## Task directions:
Exactly the lines from the one containing "Full cylindrical faces by diameter (mm): 4.976" through the one containing "In plain terms, the highlighted cylindrical face has radius 100" in the listing below are to be copied, with the pictures left out.

## Data:
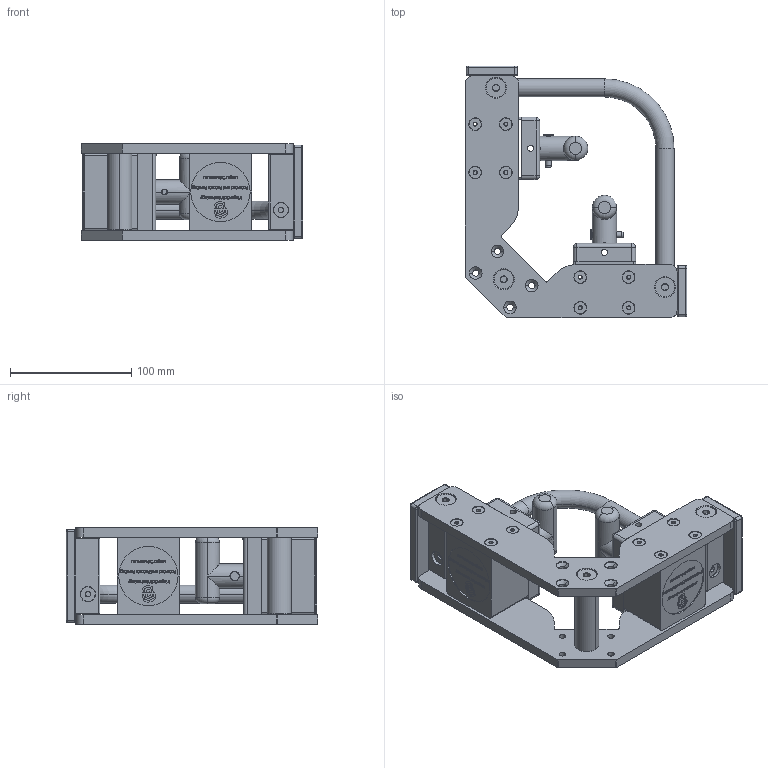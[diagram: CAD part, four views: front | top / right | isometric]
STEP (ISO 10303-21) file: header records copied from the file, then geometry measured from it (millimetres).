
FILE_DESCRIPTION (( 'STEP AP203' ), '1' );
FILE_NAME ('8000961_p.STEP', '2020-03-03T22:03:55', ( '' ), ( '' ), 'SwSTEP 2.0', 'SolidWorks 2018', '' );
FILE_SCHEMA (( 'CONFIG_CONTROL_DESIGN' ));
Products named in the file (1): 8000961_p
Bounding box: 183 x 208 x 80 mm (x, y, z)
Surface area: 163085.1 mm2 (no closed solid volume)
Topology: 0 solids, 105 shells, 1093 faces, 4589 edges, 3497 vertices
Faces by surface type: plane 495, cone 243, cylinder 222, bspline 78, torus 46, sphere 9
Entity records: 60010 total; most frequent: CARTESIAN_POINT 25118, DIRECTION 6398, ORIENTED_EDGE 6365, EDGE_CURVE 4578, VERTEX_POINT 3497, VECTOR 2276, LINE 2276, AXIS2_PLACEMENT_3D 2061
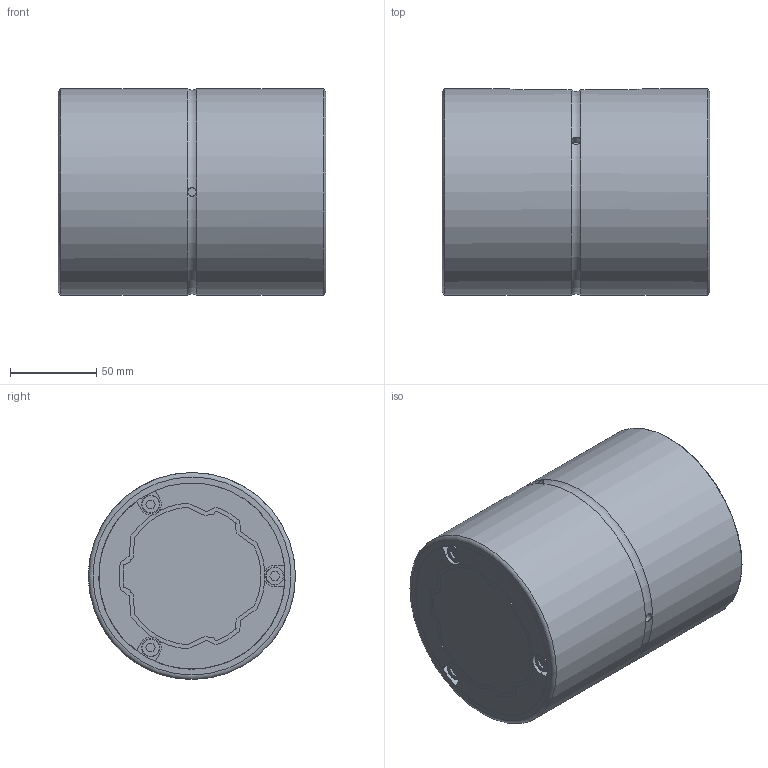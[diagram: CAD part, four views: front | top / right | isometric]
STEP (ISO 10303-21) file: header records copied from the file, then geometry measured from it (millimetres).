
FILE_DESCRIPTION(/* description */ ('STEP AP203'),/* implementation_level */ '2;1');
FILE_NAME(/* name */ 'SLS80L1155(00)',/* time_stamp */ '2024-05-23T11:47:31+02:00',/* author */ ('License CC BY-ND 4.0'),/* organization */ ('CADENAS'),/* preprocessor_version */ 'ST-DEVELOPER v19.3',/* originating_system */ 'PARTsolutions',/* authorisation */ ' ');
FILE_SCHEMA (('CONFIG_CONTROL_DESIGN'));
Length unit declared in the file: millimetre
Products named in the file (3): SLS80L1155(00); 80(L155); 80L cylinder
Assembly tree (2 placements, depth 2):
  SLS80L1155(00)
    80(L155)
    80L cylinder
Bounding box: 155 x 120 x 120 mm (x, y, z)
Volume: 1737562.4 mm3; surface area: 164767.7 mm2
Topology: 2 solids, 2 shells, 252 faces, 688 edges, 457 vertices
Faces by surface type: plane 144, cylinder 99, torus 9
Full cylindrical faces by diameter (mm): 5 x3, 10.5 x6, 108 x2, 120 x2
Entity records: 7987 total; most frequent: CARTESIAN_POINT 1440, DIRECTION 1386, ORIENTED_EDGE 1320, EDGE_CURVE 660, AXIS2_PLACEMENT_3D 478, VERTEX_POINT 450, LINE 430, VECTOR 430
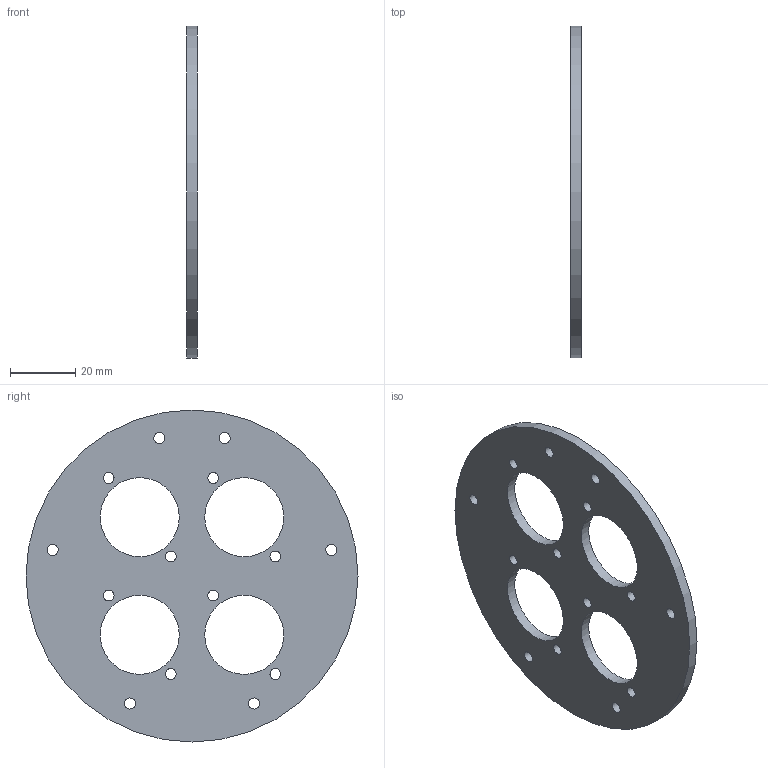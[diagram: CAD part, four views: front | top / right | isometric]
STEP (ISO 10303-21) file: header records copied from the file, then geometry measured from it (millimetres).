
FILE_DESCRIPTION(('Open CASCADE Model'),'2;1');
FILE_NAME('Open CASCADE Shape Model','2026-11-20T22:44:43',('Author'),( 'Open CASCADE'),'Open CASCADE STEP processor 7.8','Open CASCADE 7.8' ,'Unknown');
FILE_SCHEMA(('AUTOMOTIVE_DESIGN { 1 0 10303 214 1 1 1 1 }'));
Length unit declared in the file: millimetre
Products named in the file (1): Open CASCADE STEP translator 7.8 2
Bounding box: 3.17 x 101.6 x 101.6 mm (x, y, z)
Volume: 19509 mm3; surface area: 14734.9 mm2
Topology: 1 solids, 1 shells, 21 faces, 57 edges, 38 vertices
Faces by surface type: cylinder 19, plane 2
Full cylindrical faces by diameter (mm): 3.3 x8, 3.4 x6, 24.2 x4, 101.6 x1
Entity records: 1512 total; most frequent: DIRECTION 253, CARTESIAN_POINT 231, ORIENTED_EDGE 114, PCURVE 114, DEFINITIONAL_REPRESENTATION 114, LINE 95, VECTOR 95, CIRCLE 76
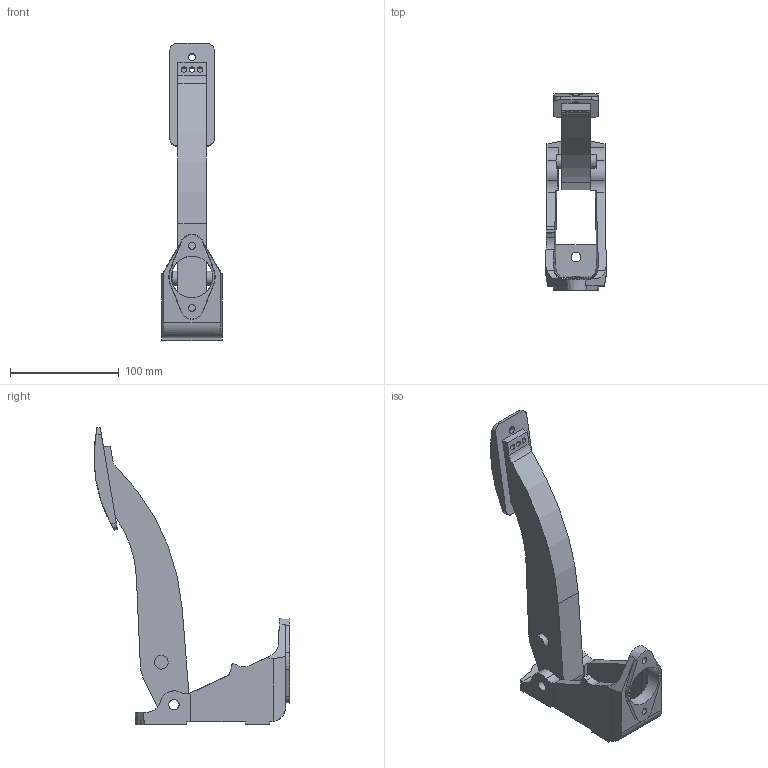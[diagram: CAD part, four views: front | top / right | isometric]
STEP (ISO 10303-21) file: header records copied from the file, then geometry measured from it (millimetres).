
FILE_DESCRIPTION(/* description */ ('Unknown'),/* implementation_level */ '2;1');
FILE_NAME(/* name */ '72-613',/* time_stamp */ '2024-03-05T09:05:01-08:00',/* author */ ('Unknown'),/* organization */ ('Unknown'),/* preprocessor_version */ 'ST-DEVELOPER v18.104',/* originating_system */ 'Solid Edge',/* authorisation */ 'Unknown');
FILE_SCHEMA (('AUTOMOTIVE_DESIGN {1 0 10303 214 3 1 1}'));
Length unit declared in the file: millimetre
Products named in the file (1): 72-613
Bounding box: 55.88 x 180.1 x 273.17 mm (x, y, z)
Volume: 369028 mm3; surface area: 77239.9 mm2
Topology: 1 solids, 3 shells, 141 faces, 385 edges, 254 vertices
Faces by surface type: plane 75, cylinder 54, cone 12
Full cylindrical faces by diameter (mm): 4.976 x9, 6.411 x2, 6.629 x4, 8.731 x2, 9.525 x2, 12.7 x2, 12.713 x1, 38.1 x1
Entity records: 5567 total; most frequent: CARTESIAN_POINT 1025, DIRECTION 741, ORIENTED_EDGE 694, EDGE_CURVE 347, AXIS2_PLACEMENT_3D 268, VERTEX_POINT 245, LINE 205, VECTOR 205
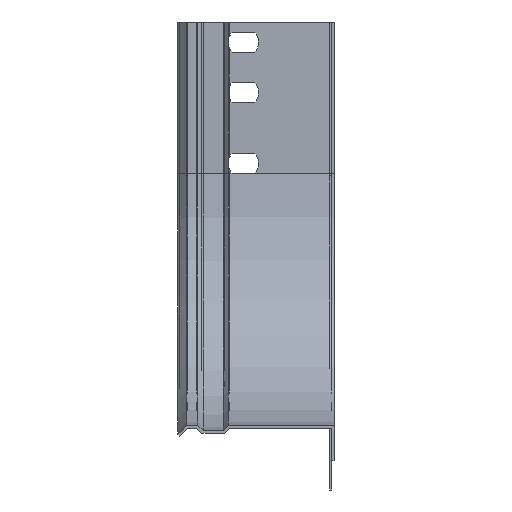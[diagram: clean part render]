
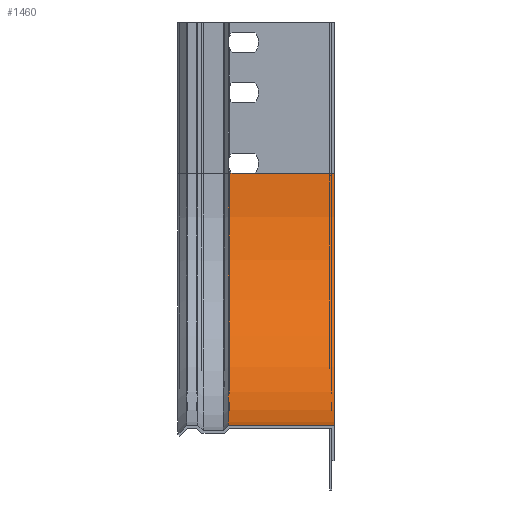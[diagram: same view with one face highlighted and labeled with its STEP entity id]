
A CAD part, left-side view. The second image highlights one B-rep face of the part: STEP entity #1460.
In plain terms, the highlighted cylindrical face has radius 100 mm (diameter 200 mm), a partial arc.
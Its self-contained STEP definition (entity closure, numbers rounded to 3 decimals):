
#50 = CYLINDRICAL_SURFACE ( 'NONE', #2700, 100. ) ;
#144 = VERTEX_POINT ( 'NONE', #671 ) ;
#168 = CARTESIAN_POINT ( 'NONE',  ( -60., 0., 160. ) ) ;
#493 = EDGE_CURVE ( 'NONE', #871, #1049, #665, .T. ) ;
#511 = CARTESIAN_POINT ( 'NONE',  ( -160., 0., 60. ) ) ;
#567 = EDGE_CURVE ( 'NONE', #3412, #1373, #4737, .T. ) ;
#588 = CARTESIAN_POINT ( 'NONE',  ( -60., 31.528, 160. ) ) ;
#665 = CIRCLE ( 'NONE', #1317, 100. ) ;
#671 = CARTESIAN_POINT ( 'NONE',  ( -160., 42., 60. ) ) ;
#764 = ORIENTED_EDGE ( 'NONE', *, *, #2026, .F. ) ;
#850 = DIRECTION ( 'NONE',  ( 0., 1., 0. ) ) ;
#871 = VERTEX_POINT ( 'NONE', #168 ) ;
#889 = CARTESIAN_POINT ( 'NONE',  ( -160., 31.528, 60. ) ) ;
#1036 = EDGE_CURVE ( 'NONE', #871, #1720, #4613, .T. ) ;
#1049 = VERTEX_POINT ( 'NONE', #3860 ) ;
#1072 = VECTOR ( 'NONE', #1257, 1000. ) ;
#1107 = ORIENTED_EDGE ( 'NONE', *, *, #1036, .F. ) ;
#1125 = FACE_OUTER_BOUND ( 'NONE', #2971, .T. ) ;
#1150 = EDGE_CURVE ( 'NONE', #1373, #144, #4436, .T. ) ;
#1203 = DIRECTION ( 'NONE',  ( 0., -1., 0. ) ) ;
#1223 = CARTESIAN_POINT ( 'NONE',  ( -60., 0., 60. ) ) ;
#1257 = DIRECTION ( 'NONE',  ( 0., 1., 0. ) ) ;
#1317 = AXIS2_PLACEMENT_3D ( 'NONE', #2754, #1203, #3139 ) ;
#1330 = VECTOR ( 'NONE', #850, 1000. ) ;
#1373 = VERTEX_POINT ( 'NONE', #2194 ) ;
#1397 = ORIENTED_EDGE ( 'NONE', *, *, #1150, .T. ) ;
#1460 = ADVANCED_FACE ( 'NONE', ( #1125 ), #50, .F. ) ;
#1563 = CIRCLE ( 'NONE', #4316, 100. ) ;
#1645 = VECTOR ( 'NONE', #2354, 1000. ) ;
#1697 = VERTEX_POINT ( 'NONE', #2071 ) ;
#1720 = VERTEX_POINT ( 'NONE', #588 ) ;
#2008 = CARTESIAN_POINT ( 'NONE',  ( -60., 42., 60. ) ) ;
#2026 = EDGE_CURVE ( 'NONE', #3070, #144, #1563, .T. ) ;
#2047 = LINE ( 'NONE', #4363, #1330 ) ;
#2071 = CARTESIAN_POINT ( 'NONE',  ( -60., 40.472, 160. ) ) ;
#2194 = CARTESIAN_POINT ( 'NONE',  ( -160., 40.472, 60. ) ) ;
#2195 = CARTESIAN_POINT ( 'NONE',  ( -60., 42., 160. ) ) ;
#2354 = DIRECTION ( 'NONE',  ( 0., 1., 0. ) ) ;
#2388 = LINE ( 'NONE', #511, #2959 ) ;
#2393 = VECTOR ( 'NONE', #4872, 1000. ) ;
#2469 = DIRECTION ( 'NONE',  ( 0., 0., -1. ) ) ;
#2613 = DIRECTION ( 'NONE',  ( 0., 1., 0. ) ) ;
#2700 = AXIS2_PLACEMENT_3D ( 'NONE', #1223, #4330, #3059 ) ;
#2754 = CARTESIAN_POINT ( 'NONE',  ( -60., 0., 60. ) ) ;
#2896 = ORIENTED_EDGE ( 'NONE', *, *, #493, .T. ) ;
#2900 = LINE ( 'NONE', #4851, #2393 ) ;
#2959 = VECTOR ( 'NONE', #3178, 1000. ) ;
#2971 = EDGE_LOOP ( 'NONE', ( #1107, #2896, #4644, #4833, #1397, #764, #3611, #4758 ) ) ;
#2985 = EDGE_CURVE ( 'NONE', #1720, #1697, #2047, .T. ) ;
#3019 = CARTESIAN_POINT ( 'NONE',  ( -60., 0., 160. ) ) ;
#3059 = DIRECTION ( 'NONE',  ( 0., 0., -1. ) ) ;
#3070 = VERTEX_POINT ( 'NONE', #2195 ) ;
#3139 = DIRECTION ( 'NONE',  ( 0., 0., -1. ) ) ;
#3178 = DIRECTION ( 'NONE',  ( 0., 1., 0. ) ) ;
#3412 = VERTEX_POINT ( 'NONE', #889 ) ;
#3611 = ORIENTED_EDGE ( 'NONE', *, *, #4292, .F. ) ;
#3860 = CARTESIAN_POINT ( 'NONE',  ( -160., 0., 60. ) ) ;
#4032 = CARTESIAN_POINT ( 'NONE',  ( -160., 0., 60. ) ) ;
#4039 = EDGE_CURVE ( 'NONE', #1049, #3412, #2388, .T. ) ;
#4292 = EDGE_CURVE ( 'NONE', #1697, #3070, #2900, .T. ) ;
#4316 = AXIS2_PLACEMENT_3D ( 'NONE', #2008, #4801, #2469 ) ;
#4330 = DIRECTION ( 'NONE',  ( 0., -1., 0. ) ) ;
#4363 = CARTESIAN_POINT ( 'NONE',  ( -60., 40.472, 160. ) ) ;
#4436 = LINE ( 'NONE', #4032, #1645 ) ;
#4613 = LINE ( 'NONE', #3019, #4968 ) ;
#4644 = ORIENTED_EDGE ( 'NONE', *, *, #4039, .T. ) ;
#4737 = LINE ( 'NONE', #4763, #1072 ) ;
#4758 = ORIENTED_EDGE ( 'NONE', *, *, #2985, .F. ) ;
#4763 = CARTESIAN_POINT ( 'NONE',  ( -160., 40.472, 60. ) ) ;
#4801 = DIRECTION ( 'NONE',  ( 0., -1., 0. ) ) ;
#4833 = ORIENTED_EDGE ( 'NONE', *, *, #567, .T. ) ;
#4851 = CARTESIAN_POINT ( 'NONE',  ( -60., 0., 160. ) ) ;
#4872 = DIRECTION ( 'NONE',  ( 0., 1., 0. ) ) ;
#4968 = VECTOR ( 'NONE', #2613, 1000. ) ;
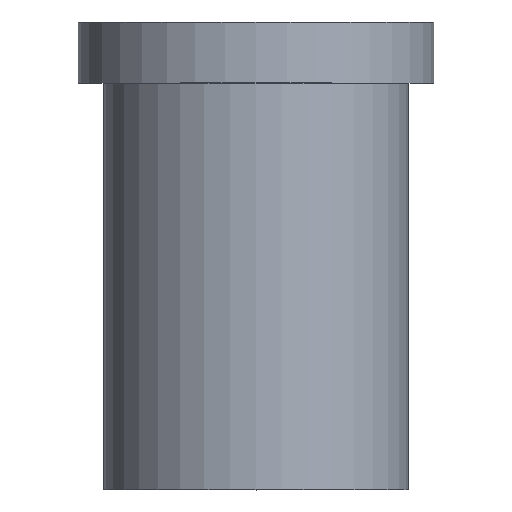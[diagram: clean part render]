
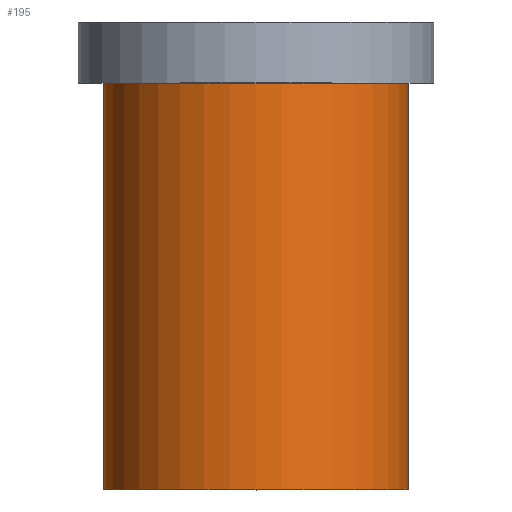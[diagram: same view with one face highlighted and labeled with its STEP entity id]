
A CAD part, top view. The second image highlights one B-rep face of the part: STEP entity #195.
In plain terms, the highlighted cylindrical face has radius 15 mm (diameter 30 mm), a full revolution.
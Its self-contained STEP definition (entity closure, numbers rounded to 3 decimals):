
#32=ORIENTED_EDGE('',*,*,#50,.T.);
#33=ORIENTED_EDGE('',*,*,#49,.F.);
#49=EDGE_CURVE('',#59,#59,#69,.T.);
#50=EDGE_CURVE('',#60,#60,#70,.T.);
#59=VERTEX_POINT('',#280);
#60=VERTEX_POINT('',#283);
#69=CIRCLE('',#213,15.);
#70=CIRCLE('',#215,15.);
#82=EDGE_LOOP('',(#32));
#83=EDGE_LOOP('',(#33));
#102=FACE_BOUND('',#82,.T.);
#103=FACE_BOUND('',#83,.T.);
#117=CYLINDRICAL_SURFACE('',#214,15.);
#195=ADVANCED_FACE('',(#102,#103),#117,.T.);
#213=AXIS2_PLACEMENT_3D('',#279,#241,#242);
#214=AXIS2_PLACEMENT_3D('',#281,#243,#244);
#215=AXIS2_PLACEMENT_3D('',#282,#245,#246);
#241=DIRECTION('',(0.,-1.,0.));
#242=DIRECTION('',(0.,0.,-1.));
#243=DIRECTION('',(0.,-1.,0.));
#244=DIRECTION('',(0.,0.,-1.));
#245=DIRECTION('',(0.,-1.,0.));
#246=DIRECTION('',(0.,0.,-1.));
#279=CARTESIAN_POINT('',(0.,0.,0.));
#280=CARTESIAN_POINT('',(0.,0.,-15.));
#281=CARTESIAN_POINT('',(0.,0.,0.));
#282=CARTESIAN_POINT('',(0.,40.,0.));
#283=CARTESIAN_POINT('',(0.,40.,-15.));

## Response area:
Full cylindrical faces by diameter (mm): 4.976 x9, 6.411 x2, 6.629 x4, 8.731 x2, 9.525 x2, 12.7 x2, 12.713 x1, 38.1 x1
Entity records: 5567 total; most frequent: CARTESIAN_POINT 1025, DIRECTION 741, ORIENTED_EDGE 694, EDGE_CURVE 347, AXIS2_PLACEMENT_3D 268, VERTEX_POINT 245, LINE 205, VECTOR 205
[diagram: clean part render]
[diagram: same view with one face highlighted and labeled with its STEP entity id]
A CAD part, left-side view. The second image highlights one B-rep face of the part: STEP entity #1460.
In plain terms, the highlighted cylindrical face has radius 100 mm (diameter 200 mm), a partial arc.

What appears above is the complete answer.